Before this, change invigorated me. I overdid it that year. Everything in my life was different. Even my name changed. I felt as if I’d joined the Witness Protection Plan. I had been given a new name, a new identity, and been concealed deep undercover to make it as difficult as possible for people from my past to find me. 

Just for kicks, I charted my major life changes that year on the Social Readjustment Rating Scale. A point value is assigned to each change, with death of a spouse and divorce as the top two. If your score is more than 300 you have an 80% chance of a significant illness or accident because of the negative impact of stress.  

My score during that 12-month period was 429. I think my score should have been even higher. In this test, a move across town counts the same number of points as the kind of relocations I made: from one country to another, and then one side of the States to the other. Surely, I earned extra bonus points for my moves. 

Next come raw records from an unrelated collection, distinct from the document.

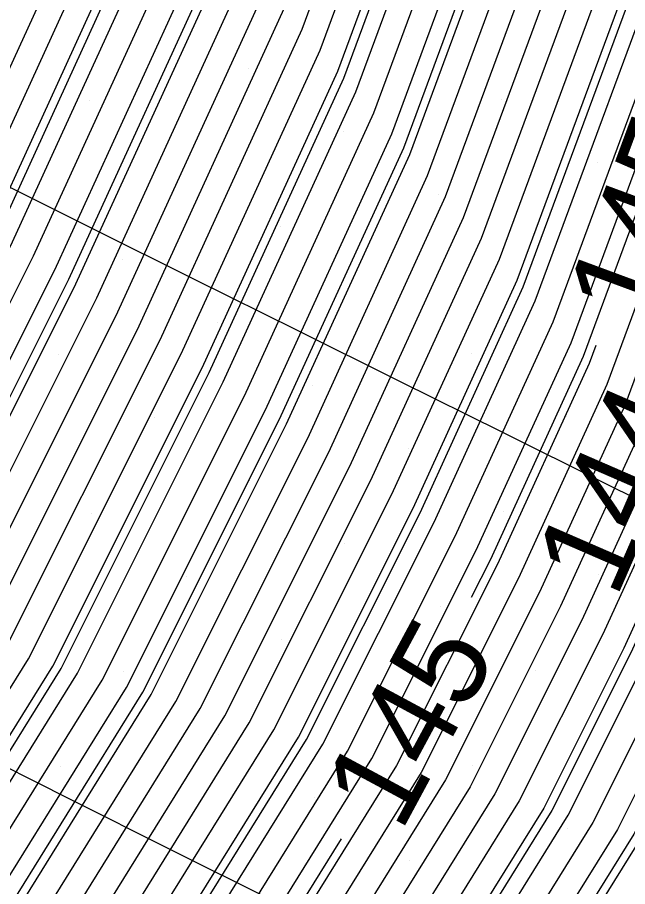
# Model space of a CAD drawing. Extents: x 2354170 to 2357230, y 866100 to 868290.
# Drawn here: x 2355639.56 to 2355652.9, y 867222.34 to 867241.34 of the extents above; entities that cross this region are included whole.
import ezdxf

# ---------------------------------------------------------------- set-up
doc = ezdxf.new("R2010")
doc.units = 0
for name, color, linetype in [('Default', 7, 'Continuous'), ('DTM Contours Major', 7, 'Continuous'), ('DTM Contours Major Text', 7, 'Continuous'), ('DTM Contours Minor', 7, 'Continuous'), ('Scratch_Level_0', 7, 'Continuous'), ('Scratch_Level_4', 7, 'Continuous')]:
    doc.layers.add(name, color=color, linetype=linetype)

msp = doc.modelspace()

# ---------------------------------------------------------------- linework, layer by layer
at = {"layer": 'Default'}
for points in [[(2355637.117, 867228.092), (2355640.835, 867235.517), (2355644.217, 867242.91), (2355649.629, 867257.546), (2355650.233, 867258.745), (2355651.382, 867261.316), (2355651.002, 867263.174), (2355651.656, 867267.643), (2355650.323, 867272.93), (2355649.658, 867274.265), (2355642.538, 867279.687), (2355641.174, 867281.209), (2355639.979, 867281.969), (2355635.184, 867284.809), (2355629.979, 867287.785), (2355625.907, 867290.014), (2355619.979, 867293.478), (2355612.624, 867297.368), (2355609.978, 867298.759), (2355607.551, 867300.014), (2355606.734, 867300.432)], [(2355664.252, 867299.646), (2355669.19, 867292.045), (2355669.779, 867290.38), (2355669.781, 867289.718), (2355669.729, 867288.439), (2355671.03, 867273.796), (2355670.866, 867272.697), (2355669.217, 867263.411), (2355669.04, 867262.672), (2355668.947, 867262.409), (2355667.291, 867253.485), (2355659.812, 867239.56), (2355655.983, 867229.205), (2355654.666, 867226.325), (2355653.217, 867223.432), (2355650, 867218.256), (2355644.808, 867208.501), (2355644.09, 867207.212)], [(2355634.97, 867228.713), (2355638.991, 867236.742), (2355642.648, 867244.737), (2355646.794, 867255.949), (2355647.681, 867257.71), (2355649.367, 867261.483), (2355648.809, 867264.212), (2355649.181, 867266.751), (2355648.424, 867269.754), (2355647.364, 867271.881), (2355640.809, 867276.873), (2355639.14, 867277.343), (2355634.423, 867280.014), (2355629.979, 867282.555), (2355624.364, 867285.629), (2355620.389, 867287.584), (2355615.92, 867290.014), (2355609.978, 867293.137), (2355603.512, 867296.48), (2355600.794, 867297.554)], [(2355630.8, 867214.83), (2355630.87, 867214.956), (2355630.974, 867215.152), (2355638.727, 867227.626), (2355642.218, 867234.597), (2355645.394, 867241.539), (2355651.755, 867258.743), (2355652.147, 867259.521), (2355652.893, 867261.19), (2355652.646, 867262.396), (2355653.513, 867268.313), (2355651.748, 867275.311), (2355651.378, 867276.053), (2355647.425, 867279.063), (2355643.457, 867283.492), (2355639.979, 867285.702), (2355632.699, 867290.014), (2355629.979, 867291.688), (2355625.631, 867294.361), (2355624.403, 867295.079)], [(2355630.909, 867202.515), (2355635.864, 867208.767), (2355637.581, 867211.848), (2355640.135, 867216.646), (2355645.703, 867225.607), (2355648.212, 867230.614), (2355650.492, 867235.601), (2355657.12, 867253.525), (2355659.718, 867258.362), (2355660.355, 867261.795), (2355661.226, 867267.946), (2355661.771, 867271.081), (2355660.529, 867276.273), (2355659.886, 867283.691), (2355654.972, 867290.072), (2355653.315, 867292.693)], [(2355629.304, 867203.363), (2355634.695, 867210.166), (2355636.032, 867212.565), (2355638.021, 867216.302), (2355644.093, 867226.073), (2355646.829, 867231.533), (2355649.316, 867236.971), (2355656.543, 867256.517), (2355658.095, 867259.407), (2355658.476, 867261.458), (2355659.547, 867269.028), (2355659.8, 867270.483), (2355658.259, 867276.925), (2355657.825, 867281.939), (2355651.591, 867290.033), (2355650.974, 867291.009), (2355649.979, 867291.859), (2355649.088, 867292.479)], [(2355627.699, 867204.212), (2355633.527, 867211.565), (2355634.483, 867213.282), (2355635.907, 867215.957), (2355642.483, 867226.539), (2355645.445, 867232.453), (2355648.139, 867238.342), (2355655.966, 867259.51), (2355656.472, 867260.452), (2355656.596, 867261.121), (2355657.571, 867268.008), (2355657.845, 867269.875), (2355657.591, 867270.881), (2355655.989, 867277.577), (2355655.763, 867280.186), (2355651.133, 867286.198), (2355648.784, 867288.819), (2355646.904, 867290.014), (2355644.399, 867291.726)], [(2355625.559, 867205.343), (2355631.968, 867213.431), (2355632.418, 867214.239), (2355633.088, 867215.497), (2355640.337, 867227.16), (2355643.601, 867233.678), (2355646.57, 867240.169), (2355653.881, 867259.94), (2355654.061, 867260.298), (2355654.404, 867261.064), (2355654.29, 867261.618), (2355655.369, 867268.982), (2355653.172, 867277.693), (2355653.099, 867277.841), (2355652.312, 867278.44), (2355645.74, 867285.775), (2355639.979, 867289.435), (2355639.001, 867290.014), (2355638.239, 867290.483)], [(2355589.978, 867185.259), (2355594.026, 867184.061), (2355599.978, 867182.919), (2355608.894, 867184.159), (2355618.455, 867183.83), (2355624.115, 867186.127), (2355626.81, 867187.397), (2355630.313, 867190.655), (2355632.239, 867193.529), (2355636.795, 867199.404), (2355640.15, 867203.636), (2355643.259, 867209.218), (2355647.886, 867217.911), (2355651.607, 867223.898), (2355653.283, 867227.244), (2355654.807, 867230.576), (2355659.235, 867242.552), (2355665.668, 867254.53), (2355667.246, 867263.033), (2355667.38, 867263.979), (2355668.997, 867273.275), (2355668.853, 867273.881), (2355667.445, 867290.118)], [(2355668.963, 867289.068), (2355670.333, 867273.647), (2355670.275, 867273.258), (2355668.5, 867263.266), (2355668.499, 867263.258), (2355668.499, 867263.258), (2355666.75, 867253.833), (2355659.62, 867240.557), (2355655.591, 867229.662), (2355654.205, 867226.631), (2355652.68, 867223.587), (2355649.295, 867218.141), (2355644.291, 867208.74), (2355640.929, 867202.703), (2355637.865, 867198.838), (2355633.704, 867193.473), (2355631.319, 867189.914), (2355626.981, 867185.879), (2355624.936, 867184.916), (2355618.43, 867182.275), (2355611.395, 867182.517), (2355599.978, 867180.929), (2355592.357, 867182.391)], [(2355666.071, 867288.949), (2355667.339, 867274.316), (2355667.684, 867272.876), (2355666.261, 867264.7), (2355665.993, 867262.808), (2355664.586, 867255.226), (2355658.851, 867244.547), (2355654.022, 867231.489), (2355652.361, 867227.857), (2355650.533, 867224.209), (2355646.477, 867217.681), (2355642.227, 867209.696), (2355639.37, 867204.569), (2355635.725, 867199.969), (2355630.774, 867193.585), (2355629.307, 867191.396), (2355626.639, 867188.915), (2355623.293, 867187.339), (2355618.48, 867185.385), (2355606.394, 867185.801), (2355599.978, 867184.909), (2355595.696, 867185.73), (2355589.978, 867187.423)], [(2355665.384, 867288.365), (2355666.583, 867274.533), (2355667.027, 867272.677), (2355665.701, 867265.061), (2355665.367, 867262.695), (2355664.046, 867255.575), (2355658.658, 867245.545), (2355653.63, 867231.946), (2355651.9, 867228.163), (2355649.997, 867224.364), (2355645.772, 867217.566), (2355641.71, 867209.935), (2355638.981, 867205.036), (2355635.19, 867200.252), (2355630.041, 867193.613), (2355628.804, 867191.767), (2355626.553, 867189.674), (2355622.882, 867187.944), (2355618.492, 867186.162), (2355605.143, 867186.622), (2355599.978, 867185.903), (2355596.53, 867186.565), (2355589.978, 867188.505)], [(2355664.009, 867287.197), (2355665.069, 867274.968), (2355665.713, 867272.278), (2355664.583, 867265.782), (2355664.114, 867262.47), (2355662.964, 867256.272), (2355658.274, 867247.54), (2355652.846, 867232.86), (2355650.978, 867228.776), (2355648.923, 867224.675), (2355644.363, 867217.336), (2355640.678, 867210.414), (2355638.202, 867205.968), (2355634.12, 867200.818), (2355628.576, 867193.67), (2355627.797, 867192.508), (2355626.382, 867191.192), (2355622.061, 867189.156), (2355618.517, 867187.717), (2355602.643, 867188.264), (2355599.978, 867187.893), (2355598.2, 867188.234), (2355592.192, 867190.013)], [(2355663.322, 867286.612), (2355664.313, 867275.186), (2355665.056, 867272.078), (2355664.023, 867266.143), (2355663.487, 867262.358), (2355662.423, 867256.62), (2355658.081, 867248.537), (2355652.453, 867233.317), (2355650.517, 867229.082), (2355648.387, 867224.83), (2355643.658, 867217.221), (2355640.162, 867210.653), (2355637.812, 867206.435), (2355633.585, 867201.101), (2355627.843, 867193.698), (2355627.294, 867192.879), (2355626.297, 867191.951), (2355621.65, 867189.761), (2355618.529, 867188.494), (2355601.392, 867189.085), (2355599.978, 867188.888), (2355599.035, 867189.069), (2355595.846, 867190.013), (2355589.978, 867191.708)], [(2355626.288, 867193.62), (2355626.378, 867193.754), (2355632.515, 867201.666), (2355637.033, 867207.368), (2355639.129, 867211.131), (2355642.249, 867216.991), (2355647.313, 867225.141), (2355649.595, 867229.695), (2355651.669, 867234.23), (2355657.697, 867250.532), (2355661.341, 867257.317), (2355662.234, 867262.133), (2355662.904, 867266.864), (2355663.742, 867271.68), (2355662.799, 867275.62), (2355661.948, 867285.444)], [(2355625.024, 867205.626), (2355631.579, 867213.897), (2355631.902, 867214.478), (2355632.383, 867215.382), (2355639.8, 867227.315), (2355643.14, 867233.985), (2355646.178, 867240.626), (2355653.172, 867259.541), (2355653.423, 867260.039), (2355653.9, 867261.106), (2355653.742, 867261.878), (2355654.751, 867268.759), (2355652.698, 867276.899), (2355652.525, 867277.245), (2355650.683, 867278.648), (2355644.979, 867285.014)], [(2355631.979, 867201.949), (2355636.643, 867207.834), (2355638.613, 867211.37), (2355641.544, 867216.876), (2355646.777, 867225.296), (2355649.134, 867230.001), (2355651.277, 867234.687), (2355657.505, 867251.53), (2355660.8, 867257.665), (2355661.608, 867262.02), (2355662.345, 867267.225), (2355663.085, 867271.48), (2355662.042, 867275.838), (2355661.26, 867284.86)], [(2355631.444, 867202.232), (2355636.254, 867208.3), (2355638.097, 867211.609), (2355640.839, 867216.761), (2355646.24, 867225.451), (2355648.673, 867230.308), (2355650.885, 867235.144), (2355657.312, 867252.527), (2355660.259, 867258.013), (2355660.982, 867261.908), (2355661.785, 867267.585), (2355662.428, 867271.281), (2355661.286, 867276.055), (2355660.573, 867284.276)], [(2355630.374, 867202.798), (2355635.475, 867209.233), (2355637.064, 867212.087), (2355639.43, 867216.531), (2355645.167, 867225.762), (2355647.751, 867230.921), (2355650.1, 867236.058), (2355656.928, 867254.522), (2355659.177, 867258.71), (2355659.729, 867261.683), (2355660.666, 867268.307), (2355661.114, 867270.882), (2355659.772, 867276.49), (2355659.199, 867283.107)], [(2355629.839, 867203.08), (2355635.085, 867209.7), (2355636.548, 867212.326), (2355638.725, 867216.417), (2355644.63, 867225.917), (2355647.29, 867231.227), (2355649.708, 867236.514), (2355656.736, 867255.52), (2355658.636, 867259.058), (2355659.102, 867261.57), (2355660.107, 867268.667), (2355660.457, 867270.682), (2355659.016, 867276.707), (2355658.512, 867282.523)], [(2355628.769, 867203.646), (2355634.306, 867210.632), (2355635.516, 867212.804), (2355637.316, 867216.187), (2355643.557, 867226.228), (2355646.368, 867231.84), (2355648.923, 867237.428), (2355656.351, 867257.515), (2355657.554, 867259.755), (2355657.849, 867261.345), (2355658.988, 867269.388), (2355659.143, 867270.283), (2355657.502, 867277.142), (2355657.137, 867281.355)], [(2355628.234, 867203.929), (2355633.916, 867211.099), (2355634.999, 867213.043), (2355636.611, 867216.072), (2355643.02, 867226.383), (2355645.907, 867232.146), (2355648.531, 867237.885), (2355656.159, 867258.512), (2355657.013, 867260.103), (2355657.223, 867261.233), (2355658.428, 867269.749), (2355658.486, 867270.084), (2355656.746, 867277.36), (2355656.45, 867280.77)], [(2355633.896, 867229.024), (2355638.069, 867237.355), (2355641.864, 867245.651), (2355645.377, 867255.151), (2355646.405, 867257.192), (2355648.36, 867261.567), (2355647.713, 867264.731), (2355647.944, 867266.305), (2355647.474, 867268.166), (2355646.217, 867270.69), (2355641.492, 867274.288), (2355638.45, 867275.143), (2355630.005, 867279.926)], [(2355634.433, 867228.869), (2355638.53, 867237.049), (2355642.256, 867245.194), (2355646.085, 867255.55), (2355647.043, 867257.451), (2355648.863, 867261.525), (2355648.261, 867264.471), (2355648.562, 867266.528), (2355647.949, 867268.96), (2355646.79, 867271.286), (2355641.151, 867275.58), (2355638.795, 867276.243), (2355632.137, 867280.014)], [(2355635.507, 867228.558), (2355639.452, 867236.436), (2355643.04, 867244.28), (2355647.503, 867256.348), (2355648.319, 867257.968), (2355649.871, 867261.441), (2355649.357, 867263.953), (2355649.8, 867266.974), (2355648.899, 867270.548), (2355647.937, 867272.477), (2355640.467, 867278.166), (2355639.486, 867278.442), (2355636.71, 867280.014)], [(2355636.58, 867228.247), (2355640.374, 867235.823), (2355643.825, 867243.367), (2355648.92, 867257.147), (2355649.595, 867258.486), (2355650.878, 867261.358), (2355650.453, 867263.434), (2355651.038, 867267.42), (2355649.848, 867272.136), (2355649.084, 867273.669), (2355640.909, 867279.895)], [(2355627.164, 867204.495), (2355633.137, 867212.032), (2355633.967, 867213.522), (2355635.202, 867215.842), (2355641.947, 867226.694), (2355644.984, 867232.759), (2355647.747, 867238.799), (2355655.774, 867260.507), (2355655.931, 867260.8), (2355655.97, 867261.008), (2355656.273, 867263.149), (2355657.226, 867269.651), (2355656.342, 867273.155), (2355655.232, 867277.794), (2355655.076, 867279.602)], [(2355669.108, 867279.444), (2355669.609, 867273.664), (2355669.654, 867273.475), (2355667.939, 867263.618), (2355667.872, 867263.145), (2355666.209, 867254.181), (2355659.427, 867241.555), (2355655.199, 867230.119), (2355653.744, 867226.937), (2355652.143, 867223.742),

The snow in my globe continued swirling. Many days, I doubted it would ever be still.

 Seeing the Same God
I had been afraid that Jesus wouldn’t be the same for me in the States, that I wouldn’t need him as I had overseas. But  I found I still needed him. I drew even closer to him through the difficulty and loneliness of my transition. 

Corrie ten Boom writes of feeling scared as a child when her train went through a dark tunnel. Even though she couldn’t see what was ahead, she learned to trust that the engineer could. Like Corrie, I had to trust that God could see the road ahead. He knew what he was doing and where I was going. 

Today, I remind myself that I don’t need to know the future. I just need to trust that God does. I don’t know when this time of transition will end or if my life will ever return to “normal.” And that’s okay. 

God guided me on unfamiliar paths to Eastern Europe and back again. He still guides me today through the uncertain valley of caregiving, even on the days when I wonder if I’ll make it. Each day, one day at a time, I have what I need—the strength and the grace—to get through. 

Someday, I trust my snow globe will settle.